В "Серенаде" — самом "русском" своем балете — Баланчин прощается с Россией, любовно перебирая классические мотивы родной балетной истории. Его "белый балет" полон аллюзий и реминисценций: отчетливо видны "блинчики" арабесков и строгие линии прыжковых фуэте из "Жизели", гирлянды белотюниковых групп отсылают к "Шопениане", настойчивые сиссоны "Русской" — интерпретируемый по-новому выход "лебедей". И сам бег танцовщиц — с неподвижным корпусом и откинутыми руками,— бег, ставший визитной карточкой стиля американского маэстро, был когда-то подарен Львом Ивановым смятенной стае белых птиц. "Серенада", с ее скупыми синкопами и малой дозой мелкой техники,— балет, наиболее близкий русской школе классического танца.
Мариинский театр выставил на "Серенаду" свои лучшие силы. И шедевра не испортил. Вышколенный кордебалет оказался самым восприимчивым к баланчинскому стилю. Отборные шестнадцать танцовщиц выглядели достойно: танцевали интеллигентно, строго, музыкально-слаженно, педантично-ровно, без "клюквы" и "интерпретаций". Возможно, излишне старательно — но это от избытка пиетета к классику.

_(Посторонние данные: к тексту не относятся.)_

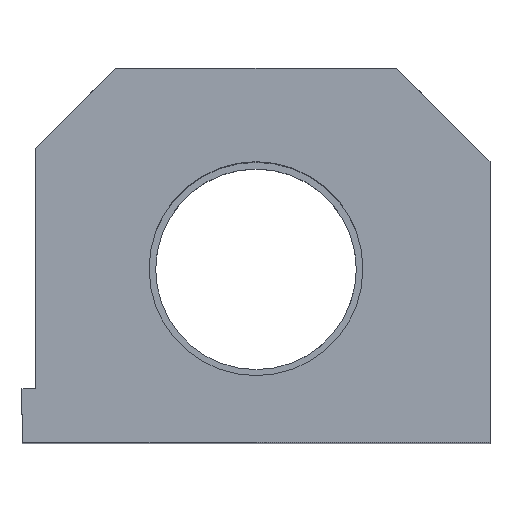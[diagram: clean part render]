
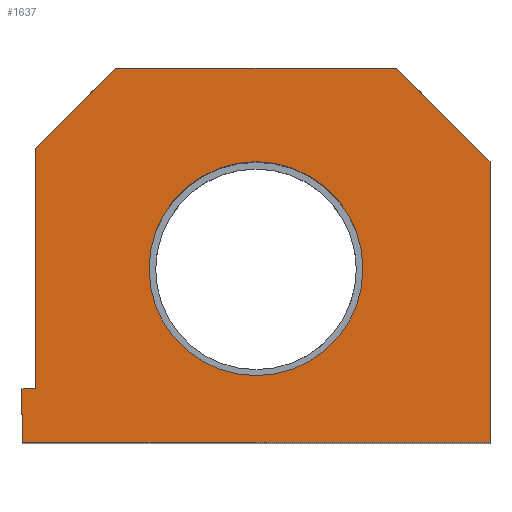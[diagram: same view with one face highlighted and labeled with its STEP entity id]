
A CAD part, top view. The second image highlights one B-rep face of the part: STEP entity #1637.
In plain terms, the highlighted planar face has unit normal (0, 0, 1).
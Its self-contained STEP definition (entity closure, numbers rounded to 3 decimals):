
#46 = EDGE_LOOP ( 'NONE', ( #783, #943 ) ) ;
#61 = CIRCLE ( 'NONE', #1434, 8. ) ;
#71 = ORIENTED_EDGE ( 'NONE', *, *, #1891, .T. ) ;
#77 = CARTESIAN_POINT ( 'NONE',  ( -16.5, -10., 31. ) ) ;
#216 = EDGE_CURVE ( 'NONE', #2164, #1775, #1829, .T. ) ;
#248 = CIRCLE ( 'NONE', #1515, 8. ) ;
#281 = DIRECTION ( 'NONE',  ( -0.707, 0.707, 0. ) ) ;
#285 = VERTEX_POINT ( 'NONE', #778 ) ;
#298 = LINE ( 'NONE', #661, #1733 ) ;
#305 = CARTESIAN_POINT ( 'NONE',  ( 0., -1., 31. ) ) ;
#327 = VECTOR ( 'NONE', #1166, 1000. ) ;
#346 = ORIENTED_EDGE ( 'NONE', *, *, #1598, .F. ) ;
#352 = VERTEX_POINT ( 'NONE', #1004 ) ;
#428 = ORIENTED_EDGE ( 'NONE', *, *, #216, .F. ) ;
#430 = LINE ( 'NONE', #77, #2197 ) ;
#477 = CARTESIAN_POINT ( 'NONE',  ( -17.5, 7., 31. ) ) ;
#536 = LINE ( 'NONE', #1928, #1773 ) ;
#574 = DIRECTION ( 'NONE',  ( 0., 1., 0. ) ) ;
#586 = PLANE ( 'NONE',  #1101 ) ;
#600 = CARTESIAN_POINT ( 'NONE',  ( -17.5, 14., 31. ) ) ;
#619 = VERTEX_POINT ( 'NONE', #956 ) ;
#655 = LINE ( 'NONE', #477, #327 ) ;
#661 = CARTESIAN_POINT ( 'NONE',  ( 17.5, 14., 31. ) ) ;
#672 = CARTESIAN_POINT ( 'NONE',  ( -10.5, 14., 31. ) ) ;
#733 = VECTOR ( 'NONE', #2152, 1000. ) ;
#745 = DIRECTION ( 'NONE',  ( -1., 0., 0. ) ) ;
#758 = ORIENTED_EDGE ( 'NONE', *, *, #1763, .T. ) ;
#778 = CARTESIAN_POINT ( 'NONE',  ( -17.5, -10., 31. ) ) ;
#783 = ORIENTED_EDGE ( 'NONE', *, *, #1447, .F. ) ;
#799 = VECTOR ( 'NONE', #932, 1000. ) ;
#839 = CARTESIAN_POINT ( 'NONE',  ( 8., -1., 31. ) ) ;
#855 = DIRECTION ( 'NONE',  ( -1., 0., 0. ) ) ;
#909 = VERTEX_POINT ( 'NONE', #1561 ) ;
#932 = DIRECTION ( 'NONE',  ( 1., 0., 0. ) ) ;
#943 = ORIENTED_EDGE ( 'NONE', *, *, #1543, .F. ) ;
#951 = ORIENTED_EDGE ( 'NONE', *, *, #1076, .F. ) ;
#956 = CARTESIAN_POINT ( 'NONE',  ( -8., -1., 31. ) ) ;
#1004 = CARTESIAN_POINT ( 'NONE',  ( -16.5, -10., 31. ) ) ;
#1075 = CARTESIAN_POINT ( 'NONE',  ( -16.5, 8., 31. ) ) ;
#1076 = EDGE_CURVE ( 'NONE', #1955, #1529, #298, .T. ) ;
#1086 = LINE ( 'NONE', #1428, #733 ) ;
#1101 = AXIS2_PLACEMENT_3D ( 'NONE', #1487, #1830, #745 ) ;
#1166 = DIRECTION ( 'NONE',  ( -0.707, -0.707, 0. ) ) ;
#1175 = ORIENTED_EDGE ( 'NONE', *, *, #1185, .T. ) ;
#1185 = EDGE_CURVE ( 'NONE', #352, #285, #1375, .T. ) ;
#1236 = CARTESIAN_POINT ( 'NONE',  ( -16.5, -10., 31. ) ) ;
#1245 = CARTESIAN_POINT ( 'NONE',  ( 17.5, -14., 31. ) ) ;
#1288 = CARTESIAN_POINT ( 'NONE',  ( 10.5, 14., 31. ) ) ;
#1313 = DIRECTION ( 'NONE',  ( 1., 0., 0. ) ) ;
#1329 = EDGE_CURVE ( 'NONE', #909, #1529, #1086, .T. ) ;
#1375 = LINE ( 'NONE', #1236, #1549 ) ;
#1393 = DIRECTION ( 'NONE',  ( 0., 0., 1. ) ) ;
#1428 = CARTESIAN_POINT ( 'NONE',  ( -17.5, -14., 31. ) ) ;
#1434 = AXIS2_PLACEMENT_3D ( 'NONE', #305, #2175, #1313 ) ;
#1447 = EDGE_CURVE ( 'NONE', #1796, #619, #61, .T. ) ;
#1487 = CARTESIAN_POINT ( 'NONE',  ( 0., 0., 31. ) ) ;
#1491 = LINE ( 'NONE', #1288, #1806 ) ;
#1515 = AXIS2_PLACEMENT_3D ( 'NONE', #1953, #1393, #1762 ) ;
#1529 = VERTEX_POINT ( 'NONE', #1245 ) ;
#1543 = EDGE_CURVE ( 'NONE', #619, #1796, #248, .T. ) ;
#1549 = VECTOR ( 'NONE', #855, 1000. ) ;
#1561 = CARTESIAN_POINT ( 'NONE',  ( -17.5, -14., 31. ) ) ;
#1578 = ORIENTED_EDGE ( 'NONE', *, *, #1329, .T. ) ;
#1581 = ORIENTED_EDGE ( 'NONE', *, *, #1980, .T. ) ;
#1598 = EDGE_CURVE ( 'NONE', #352, #1922, #430, .T. ) ;
#1633 = FACE_BOUND ( 'NONE', #46, .T. ) ;
#1637 = ADVANCED_FACE ( 'NONE', ( #1633, #1973 ), #586, .F. ) ;
#1733 = VECTOR ( 'NONE', #2016, 1000. ) ;
#1756 = DIRECTION ( 'NONE',  ( 0., -1., 0. ) ) ;
#1762 = DIRECTION ( 'NONE',  ( 1., 0., 0. ) ) ;
#1763 = EDGE_CURVE ( 'NONE', #2164, #1922, #655, .T. ) ;
#1773 = VECTOR ( 'NONE', #1756, 1000. ) ;
#1775 = VERTEX_POINT ( 'NONE', #2196 ) ;
#1796 = VERTEX_POINT ( 'NONE', #839 ) ;
#1806 = VECTOR ( 'NONE', #281, 1000. ) ;
#1829 = LINE ( 'NONE', #600, #799 ) ;
#1830 = DIRECTION ( 'NONE',  ( 0., 0., -1. ) ) ;
#1891 = EDGE_CURVE ( 'NONE', #285, #909, #536, .T. ) ;
#1922 = VERTEX_POINT ( 'NONE', #1075 ) ;
#1928 = CARTESIAN_POINT ( 'NONE',  ( -17.5, 14., 31. ) ) ;
#1938 = CARTESIAN_POINT ( 'NONE',  ( 17.5, 7., 31. ) ) ;
#1953 = CARTESIAN_POINT ( 'NONE',  ( 0., -1., 31. ) ) ;
#1955 = VERTEX_POINT ( 'NONE', #1938 ) ;
#1973 = FACE_OUTER_BOUND ( 'NONE', #2111, .T. ) ;
#1980 = EDGE_CURVE ( 'NONE', #1955, #1775, #1491, .T. ) ;
#2016 = DIRECTION ( 'NONE',  ( 0., -1., 0. ) ) ;
#2111 = EDGE_LOOP ( 'NONE', ( #346, #1175, #71, #1578, #951, #1581, #428, #758 ) ) ;
#2152 = DIRECTION ( 'NONE',  ( 1., 0., 0. ) ) ;
#2164 = VERTEX_POINT ( 'NONE', #672 ) ;
#2175 = DIRECTION ( 'NONE',  ( 0., 0., 1. ) ) ;
#2196 = CARTESIAN_POINT ( 'NONE',  ( 10.5, 14., 31. ) ) ;
#2197 = VECTOR ( 'NONE', #574, 1000. ) ;

Мужчины (Евгений Иванченко и Денис Фирсов), как часто случается в Мариинке, самостоятельной роли не играли, честно и стушеванно ассистируя дамам. Три балерины первого состава дополняли друг друга в полном согласии с замыслом хореографа. Экзальтация танца легкой Майи Думченко в Allegro "Серенады" выглядела уместной. Еще более кстати пришлась невозмутимая несуетность Вероники Парт.
Всеми ожидаемая Ульяна Лопаткина танцевать премьеру не смогла из-за травмы. Ее заменила Светлана Захарова — без сомнения, одна из самых перспективных балерин Мариинки. Для нее не существует технических препятствий. Среди уязвимых по внешним данным прим Мариинки она выглядит эталоном балерины. Ее главный недостаток (неумеренная эксплуатация гигантского шага) — в сущности, продолжение ее достоинств.
Увлекшись в легком вальсе "Серенады" шпагатными разрывами, Захарова не успевала фиксировать позы, не замечала полутонов и, не обладая актерской органикой, с избыточной активностью "играла" эмоции, переключая внимание публики с самодостаточных движений на неуместную у Баланчина мимику. Все эти рудименты советской исполнительской манеры изжить довольно легко. Очевидно, скоро двадцатилетняя прима поймет, что сильнодействующие средства надо использовать скупо, что секрет Баланчина — в контрастах: мгновенных переменах темпа, в мягкости рук при отчетливости работы ног, в синкопах, чередующихся с метрической правоверностью, в умении крошечный нюанс сделать более значимым, чем широкое "большое" па. Основания для оптимизма есть: в возобновленном "Апполоне Мусагете" ее Терпсихора вызвала наибольший интерес.
Но это уже другой балет и совсем другая рецензия.